DATA EXTRACT:
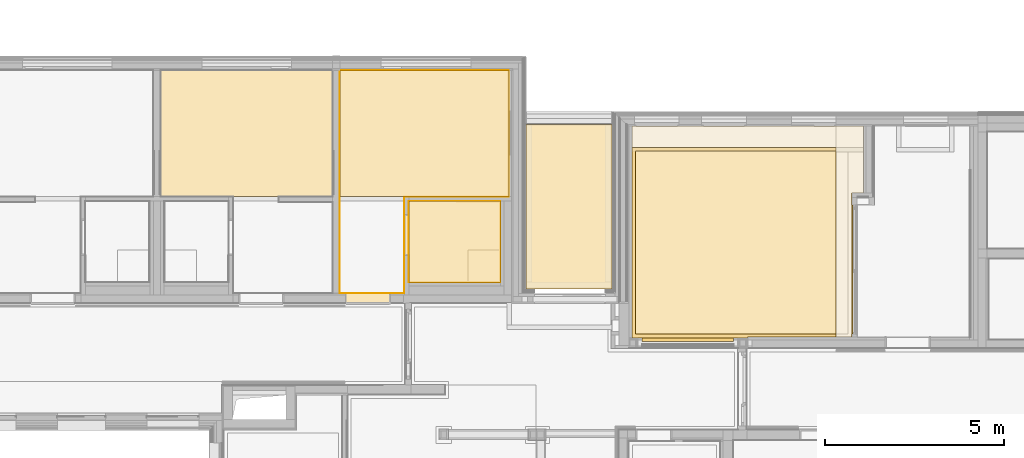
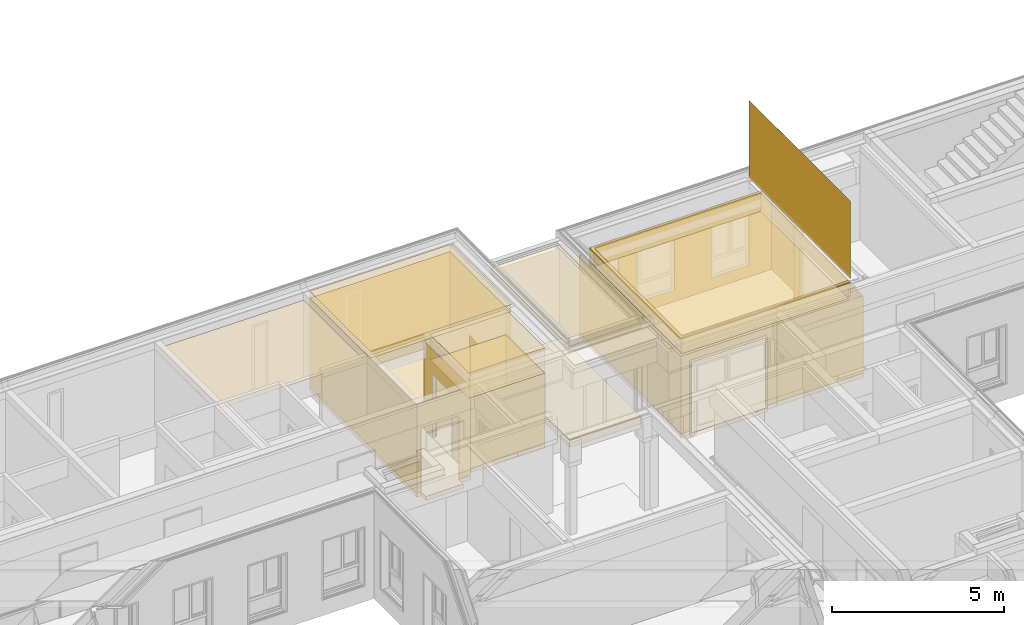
# One storey, part 179 of 222: 30 coverings.
"""IFC4 building model written with IfcOpenShell, lengths in metres."""

from ifc_helpers import new_model, entity, si_unit, converted_unit, derived_unit, frame, frame_2d, origin, place, context, subcontext, project, spatial, polyline, rectangle, outline, extrude, material, layer, layer_set, layer_usage, element, save


model = new_model("IFC4")

# Units and contexts
model_context = context("Model", 3, precision=1e-05, world=origin())
body_context = subcontext(model_context, "Body", "Model", "MODEL_VIEW")
ifc_project = project(units=[si_unit("LENGTHUNIT", "METRE"), si_unit("AREAUNIT", "SQUARE_METRE"), si_unit("VOLUMEUNIT", "CUBIC_METRE"), si_unit("MASSUNIT", "GRAM", prefix="KILO"), converted_unit("PLANEANGLEUNIT", "DEGREE", entity("IfcPlaneAngleMeasure", 0.0174532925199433), si_unit("PLANEANGLEUNIT", "RADIAN"), dimensions=[0, 0, 0, 0, 0, 0, 0]), derived_unit("THERMALTRANSMITTANCEUNIT", [(si_unit("POWERUNIT", "WATT"), 1), (si_unit("THERMODYNAMICTEMPERATUREUNIT", "KELVIN"), -1), (si_unit("LENGTHUNIT", "METRE"), -2)]), derived_unit("VOLUMETRICFLOWRATEUNIT", [(si_unit("LENGTHUNIT", "METRE"), 3), (converted_unit("TIMEUNIT", "hour", entity("IfcTimeMeasure", 3600.0), si_unit("TIMEUNIT", "SECOND"), dimensions=[0, 0, 1, 0, 0, 0, 0]), -1), (si_unit("LENGTHUNIT", "METRE"), -1)])], contexts=[model_context])

# Site, building, storey, space
site_placement = place(None, origin())
site = spatial("IfcSite", under=ifc_project, at=site_placement, Name="Psychiatrie Neubau Wunstorf", CompositionType="ELEMENT")
building_placement = place(site_placement, origin())
building = spatial("IfcBuilding", under=site, at=building_placement, Name="Neubau H2 Stationsgebäude", CompositionType="ELEMENT")
storey_placement = place(building_placement, frame((0.0, 0.0, 3.6)))
storey = spatial("IfcBuildingStorey", under=building, at=storey_placement, Name="H2 Ebene +1", CompositionType="ELEMENT", Elevation=3.6)
space_1_placement = place(storey_placement, frame((35.2910006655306, 24.5160036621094, -0.128)))
space_1 = spatial("IfcSpace", under=storey, at=space_1_placement, Name="WUN-H2-E01-L01", CompositionType="ELEMENT")

# Coverings
ifc_material_1 = material(Name="Installationshöhe")
ifc_layer_1 = layer(ifc_material_1, 0.18)
ifc_layer_set_1 = layer_set([ifc_layer_1])
ifc_layer_usage_1 = layer_usage(ifc_layer_set_1, "AXIS3", "POSITIVE", 0.0)
covering_1_placement = place(space_1_placement, frame((0.0, 0.0, 3.598)))
element("IfcCovering", 1, at=covering_1_placement, inside=space_1, material=ifc_layer_usage_1, PredefinedType="CEILING", context=body_context, shape_type="SweptSolid", body=[
    extrude(rectangle(XDim=2.39449933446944, YDim=4.58149623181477, at=frame_2d((1.19724966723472, 2.29074811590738), x_axis=(1.0, 0.0))), frame((0.0, 4.58149623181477, 0.0), z_axis=(0.0, 0.0, -1.0), x_axis=(1.0, 0.0, 0.0)), (0.0, 0.0, 1.0), 0.18),
])
ifc_material_2 = material(Name="-")
ifc_layer_2 = layer(ifc_material_2, 0.045)
ifc_layer_set_2 = layer_set([ifc_layer_2])
ifc_layer_usage_2 = layer_usage(ifc_layer_set_2, "AXIS3", "POSITIVE", 0.0)
covering_2_placement = place(space_1_placement, frame((0.0, 0.0, 3.418)))
element("IfcCovering", 2, at=covering_2_placement, inside=space_1, material=ifc_layer_usage_2, PredefinedType="CEILING", context=body_context, shape_type="SweptSolid", body=[
    extrude(rectangle(XDim=2.39449933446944, YDim=4.58149623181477, at=frame_2d((1.19724966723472, 2.29074811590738), x_axis=(1.0, 0.0))), frame((0.0, 4.58149623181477, 0.0), z_axis=(0.0, 0.0, -1.0), x_axis=(1.0, 0.0, 0.0)), (0.0, 0.0, 1.0), 0.045),
])
ifc_material_3 = material()
ifc_layer_3 = layer(ifc_material_3, 0.25)
ifc_layer_set_3 = layer_set([ifc_layer_3])
ifc_layer_usage_3 = layer_usage(ifc_layer_set_3, "AXIS3", "POSITIVE", 0.0)
covering_3_placement = place(space_1_placement, origin())
element("IfcCovering", 3, at=covering_3_placement, inside=space_1, material=ifc_layer_usage_3, Name="Unterbodenaufbau (Stelzen + Estrich)", PredefinedType="FLOORING", context=body_context, shape_type="SweptSolid", body=[
    extrude(rectangle(XDim=2.39449933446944, YDim=4.58149623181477, at=frame_2d((-1.19724966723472, -2.29074811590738), x_axis=(-1.0, 0.0))), frame((2.39449933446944, 4.58149623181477, 0.0), z_axis=(0.0, 0.0, 1.0), x_axis=(1.0, 0.0, 0.0)), (0.0, 0.0, 1.0), 0.25),
])
ifc_material_4 = material(Name="FP2")
ifc_layer_4 = layer(ifc_material_4, 0.03)
ifc_layer_set_4 = layer_set([ifc_layer_4])
ifc_layer_usage_4 = layer_usage(ifc_layer_set_4, "AXIS3", "POSITIVE", 0.0)
covering_4_placement = place(space_1_placement, frame((0.0, 0.0, 0.25)))
element("IfcCovering", 4, at=covering_4_placement, inside=space_1, material=ifc_layer_usage_4, Name="Feinsteinzeugplatten 40x40x3", PredefinedType="FLOORING", context=body_context, shape_type="SweptSolid", body=[
    extrude(rectangle(XDim=2.39449933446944, YDim=4.58149623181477, at=frame_2d((-1.19724966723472, -2.29074811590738), x_axis=(-1.0, 0.0))), frame((2.39449933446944, 4.58149623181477, 0.0), z_axis=(0.0, 0.0, 1.0), x_axis=(1.0, 0.0, 0.0)), (0.0, 0.0, 1.0), 0.03),
])

# Space
space_2_placement = place(storey_placement, frame((30.1, 24.3895, 0.0)))
space_2 = spatial("IfcSpace", under=storey, at=space_2_placement, Name="WUN-H2-E01-047", CompositionType="ELEMENT")

# Coverings
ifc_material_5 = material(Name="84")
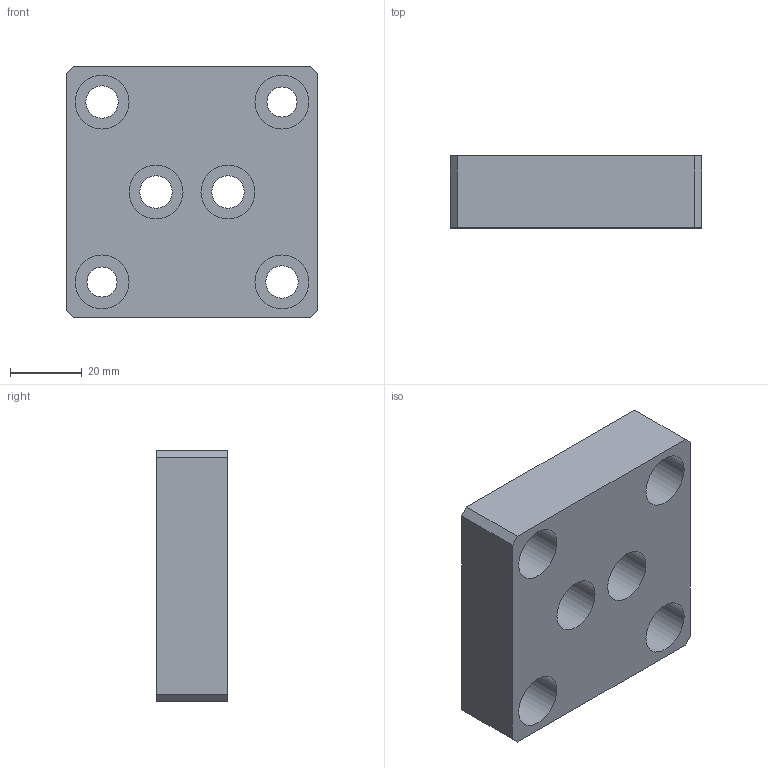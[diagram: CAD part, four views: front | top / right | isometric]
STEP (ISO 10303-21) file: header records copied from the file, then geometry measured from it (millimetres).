
FILE_DESCRIPTION(/* description */ (''),/* implementation_level */ '2;1');
FILE_NAME(/* name */ 'C:\Users\Jefferson\Desktop\Biblioteca Pro Nitro 2024\Flanges\PNB-56-XXX\PNB-56-045.stp',/* time_stamp */ '2024-01-29T14:07:59-03:00',/* author */ ('Jefferson'),/* organization */ (''),/* preprocessor_version */ 'ST-DEVELOPER v18.1',/* originating_system */ 'Autodesk Inventor 2021',/* authorisation */ '');
FILE_SCHEMA (('AUTOMOTIVE_DESIGN { 1 0 10303 214 3 1 1 }'));
Length unit declared in the file: millimetre
Products named in the file (1): PNB-56-045
Bounding box: 70 x 20 x 70 mm (x, y, z)
Volume: 81743.9 mm3; surface area: 19369.8 mm2
Topology: 1 solids, 1 shells, 189 faces, 507 edges, 342 vertices
Faces by surface type: plane 98, bspline 79, cylinder 12
Full cylindrical faces by diameter (mm): 8.376 x2, 9 x4, 15 x6
Entity records: 6372 total; most frequent: CARTESIAN_POINT 2066, ORIENTED_EDGE 1014, DIRECTION 607, EDGE_CURVE 507, VERTEX_POINT 342, LINE 313, VECTOR 313, EDGE_LOOP 223
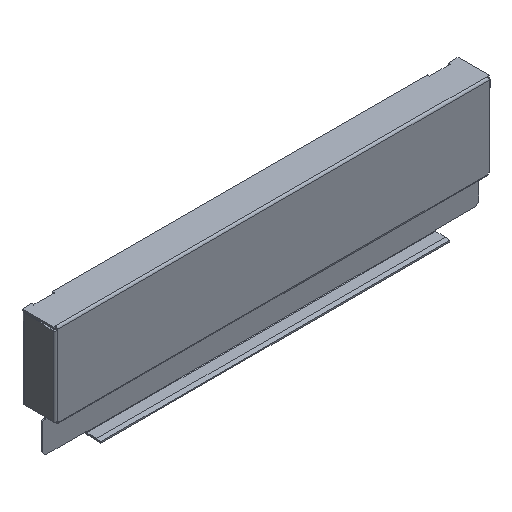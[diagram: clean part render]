
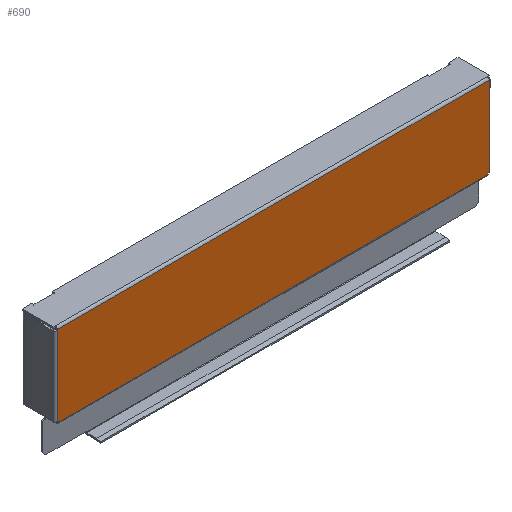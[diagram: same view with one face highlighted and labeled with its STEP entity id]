
A CAD part, isometric view. The second image highlights one B-rep face of the part: STEP entity #690.
In plain terms, the highlighted planar face has unit normal (0, -1, 0).
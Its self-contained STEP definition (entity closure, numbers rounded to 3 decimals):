
#70 = DIRECTION ( 'NONE',  ( 1., 0., 0. ) ) ;
#72 = DIRECTION ( 'NONE',  ( 0., -1., 0. ) ) ;
#73 = CARTESIAN_POINT ( 'NONE',  ( -105., -6., 17. ) ) ;
#74 = PLANE ( 'NONE',  #2427 ) ;
#294 = CARTESIAN_POINT ( 'NONE',  ( -104., -6., 56. ) ) ;
#306 = CARTESIAN_POINT ( 'NONE',  ( 104., -6., 17.5 ) ) ;
#323 = CARTESIAN_POINT ( 'NONE',  ( 104., -6., 56. ) ) ;
#333 = CARTESIAN_POINT ( 'NONE',  ( -103.5, -6., 17. ) ) ;
#343 = CARTESIAN_POINT ( 'NONE',  ( 103.5, -6., 17.5 ) ) ;
#346 = CARTESIAN_POINT ( 'NONE',  ( -104., -6., 55.5 ) ) ;
#362 = CARTESIAN_POINT ( 'NONE',  ( 103.5, -6., 17. ) ) ;
#367 = CARTESIAN_POINT ( 'NONE',  ( -104., -6., 17.5 ) ) ;
#368 = CARTESIAN_POINT ( 'NONE',  ( 104., -6., 55.5 ) ) ;
#370 = CARTESIAN_POINT ( 'NONE',  ( -103.5, -6., 17.5 ) ) ;
#444 = VERTEX_POINT ( 'NONE', #370 ) ;
#446 = VERTEX_POINT ( 'NONE', #368 ) ;
#447 = VERTEX_POINT ( 'NONE', #367 ) ;
#452 = VERTEX_POINT ( 'NONE', #362 ) ;
#468 = VERTEX_POINT ( 'NONE', #346 ) ;
#471 = VERTEX_POINT ( 'NONE', #343 ) ;
#493 = VERTEX_POINT ( 'NONE', #333 ) ;
#507 = VERTEX_POINT ( 'NONE', #323 ) ;
#522 = VERTEX_POINT ( 'NONE', #306 ) ;
#532 = VERTEX_POINT ( 'NONE', #294 ) ;
#690 = ADVANCED_FACE ( 'NONE', ( #1423 ), #74, .T. ) ;
#723 = DIRECTION ( 'NONE',  ( 1., 0., 0. ) ) ;
#728 = CARTESIAN_POINT ( 'NONE',  ( -105., -6., 17. ) ) ;
#740 = DIRECTION ( 'NONE',  ( 0., 0., -1. ) ) ;
#744 = CARTESIAN_POINT ( 'NONE',  ( -104., -6., 74.385 ) ) ;
#844 = EDGE_LOOP ( 'NONE', ( #1358, #1357, #1356, #1355, #1354, #1353, #1352, #1351, #1350, #1349 ) ) ;
#929 = DIRECTION ( 'NONE',  ( 0., 0., -1. ) ) ;
#935 = CARTESIAN_POINT ( 'NONE',  ( -103.5, -6., 17.5 ) ) ;
#949 = CARTESIAN_POINT ( 'NONE',  ( 103.5, -6., 15.3 ) ) ;
#953 = DIRECTION ( 'NONE',  ( 0., 0., 1. ) ) ;
#954 = DIRECTION ( 'NONE',  ( 1., 0., 0. ) ) ;
#955 = CARTESIAN_POINT ( 'NONE',  ( -105., -6., 17.5 ) ) ;
#959 = DIRECTION ( 'NONE',  ( 1., 0., 0. ) ) ;
#961 = CARTESIAN_POINT ( 'NONE',  ( 103.5, -6., 17.5 ) ) ;
#962 = DIRECTION ( 'NONE',  ( 0., 0., -1. ) ) ;
#964 = CARTESIAN_POINT ( 'NONE',  ( 104., -6., 74.385 ) ) ;
#965 = DIRECTION ( 'NONE',  ( 0., 0., -1. ) ) ;
#966 = CARTESIAN_POINT ( 'NONE',  ( 104., -6., 74.385 ) ) ;
#968 = DIRECTION ( 'NONE',  ( 1., 0., 0. ) ) ;
#970 = CARTESIAN_POINT ( 'NONE',  ( -105., -6., 56. ) ) ;
#971 = DIRECTION ( 'NONE',  ( 0., 0., -1. ) ) ;
#973 = CARTESIAN_POINT ( 'NONE',  ( -104., -6., 74.385 ) ) ;
#1349 = ORIENTED_EDGE ( 'NONE', *, *, #2304, .T. ) ;
#1350 = ORIENTED_EDGE ( 'NONE', *, *, #2305, .F. ) ;
#1351 = ORIENTED_EDGE ( 'NONE', *, *, #2306, .F. ) ;
#1352 = ORIENTED_EDGE ( 'NONE', *, *, #2307, .F. ) ;
#1353 = ORIENTED_EDGE ( 'NONE', *, *, #2308, .T. ) ;
#1354 = ORIENTED_EDGE ( 'NONE', *, *, #2310, .T. ) ;
#1355 = ORIENTED_EDGE ( 'NONE', *, *, #2317, .T. ) ;
#1356 = ORIENTED_EDGE ( 'NONE', *, *, #2312, .T. ) ;
#1357 = ORIENTED_EDGE ( 'NONE', *, *, #2309, .T. ) ;
#1358 = ORIENTED_EDGE ( 'NONE', *, *, #2315, .T. ) ;
#1423 = FACE_OUTER_BOUND ( 'NONE', #844, .T. ) ;
#1719 = LINE ( 'NONE', #973, #1720 ) ;
#1720 = VECTOR ( 'NONE', #971, 1000. ) ;
#1721 = LINE ( 'NONE', #970, #1722 ) ;
#1722 = VECTOR ( 'NONE', #968, 1000. ) ;
#1723 = LINE ( 'NONE', #966, #1724 ) ;
#1724 = VECTOR ( 'NONE', #965, 1000. ) ;
#1725 = LINE ( 'NONE', #964, #1726 ) ;
#1726 = VECTOR ( 'NONE', #962, 1000. ) ;
#1727 = LINE ( 'NONE', #961, #1728 ) ;
#1728 = VECTOR ( 'NONE', #959, 1000. ) ;
#1729 = LINE ( 'NONE', #955, #1730 ) ;
#1730 = VECTOR ( 'NONE', #954, 1000. ) ;
#1731 = LINE ( 'NONE', #949, #1732 ) ;
#1732 = VECTOR ( 'NONE', #953, 1000. ) ;
#1735 = LINE ( 'NONE', #935, #1736 ) ;
#1736 = VECTOR ( 'NONE', #929, 1000. ) ;
#1739 = LINE ( 'NONE', #744, #1741 ) ;
#1741 = VECTOR ( 'NONE', #740, 1000. ) ;
#1742 = LINE ( 'NONE', #728, #1744 ) ;
#1744 = VECTOR ( 'NONE', #723, 1000. ) ;
#2304 = EDGE_CURVE ( 'NONE', #532, #468, #1719, .T. ) ;
#2305 = EDGE_CURVE ( 'NONE', #532, #507, #1721, .T. ) ;
#2306 = EDGE_CURVE ( 'NONE', #507, #446, #1723, .T. ) ;
#2307 = EDGE_CURVE ( 'NONE', #446, #522, #1725, .T. ) ;
#2308 = EDGE_CURVE ( 'NONE', #471, #522, #1727, .T. ) ;
#2309 = EDGE_CURVE ( 'NONE', #447, #444, #1729, .T. ) ;
#2310 = EDGE_CURVE ( 'NONE', #452, #471, #1731, .T. ) ;
#2312 = EDGE_CURVE ( 'NONE', #444, #493, #1735, .T. ) ;
#2315 = EDGE_CURVE ( 'NONE', #468, #447, #1739, .T. ) ;
#2317 = EDGE_CURVE ( 'NONE', #493, #452, #1742, .T. ) ;
#2427 = AXIS2_PLACEMENT_3D ( 'NONE', #73, #72, #70 ) ;

BRIEF: Above is a listing; print exactly its lines from the one with "Length unit declared in the file: millimetre" through the one with "Faces by surface", and no other lines.

TASK RESULT:
Length unit declared in the file: millimetre
Products named in the file (1): PNB-56-045
Bounding box: 70 x 20 x 70 mm (x, y, z)
Volume: 81743.9 mm3; surface area: 19369.8 mm2
Topology: 1 solids, 1 shells, 189 faces, 507 edges, 342 vertices
Faces by surface type: plane 98, bspline 79, cylinder 12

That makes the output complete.